— About this exercise —
Find the line containing "STEP (ISO 10303-21)", then output it and every line after it through the end of the listing below, exactly as written.

— Dataset content —

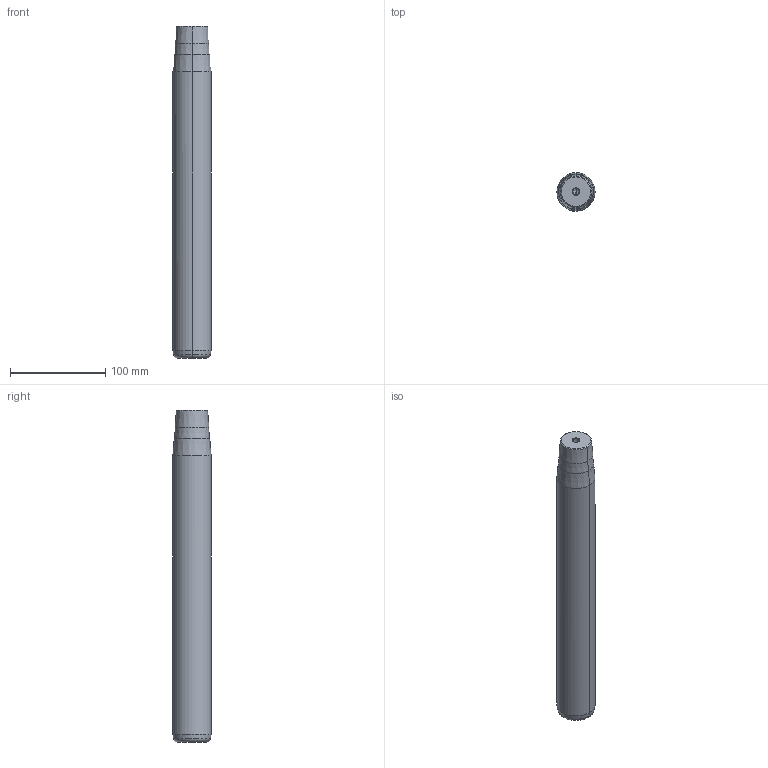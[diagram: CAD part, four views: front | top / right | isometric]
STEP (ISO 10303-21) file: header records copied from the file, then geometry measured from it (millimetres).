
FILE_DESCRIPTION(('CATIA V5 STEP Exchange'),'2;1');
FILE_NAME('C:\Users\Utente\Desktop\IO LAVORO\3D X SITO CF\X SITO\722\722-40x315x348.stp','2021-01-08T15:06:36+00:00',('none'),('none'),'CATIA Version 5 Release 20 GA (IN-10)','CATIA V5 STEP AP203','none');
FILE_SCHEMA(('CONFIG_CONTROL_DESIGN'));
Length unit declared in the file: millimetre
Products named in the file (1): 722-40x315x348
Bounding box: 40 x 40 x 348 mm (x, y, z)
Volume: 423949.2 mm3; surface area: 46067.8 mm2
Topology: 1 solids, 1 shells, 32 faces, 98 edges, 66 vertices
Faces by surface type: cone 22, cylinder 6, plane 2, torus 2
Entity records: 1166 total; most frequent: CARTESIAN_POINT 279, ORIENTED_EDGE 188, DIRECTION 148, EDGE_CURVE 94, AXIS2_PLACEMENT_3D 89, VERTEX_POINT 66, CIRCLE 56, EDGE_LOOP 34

— Solved exercise —
STEP (ISO 10303-21) file: header records copied from the file, then geometry measured from it (millimetres).
FILE_DESCRIPTION(('CATIA V5 STEP Exchange'),'2;1');
FILE_NAME('C:\Users\Utente\Desktop\IO LAVORO\3D X SITO CF\X SITO\722\722-40x315x348.stp','2021-01-08T15:06:36+00:00',('none'),('none'),'CATIA Version 5 Release 20 GA (IN-10)','CATIA V5 STEP AP203','none');
FILE_SCHEMA(('CONFIG_CONTROL_DESIGN'));
Length unit declared in the file: millimetre
Products named in the file (1): 722-40x315x348
Bounding box: 40 x 40 x 348 mm (x, y, z)
Volume: 423949.2 mm3; surface area: 46067.8 mm2
Topology: 1 solids, 1 shells, 32 faces, 98 edges, 66 vertices
Faces by surface type: cone 22, cylinder 6, plane 2, torus 2
Entity records: 1166 total; most frequent: CARTESIAN_POINT 279, ORIENTED_EDGE 188, DIRECTION 148, EDGE_CURVE 94, AXIS2_PLACEMENT_3D 89, VERTEX_POINT 66, CIRCLE 56, EDGE_LOOP 34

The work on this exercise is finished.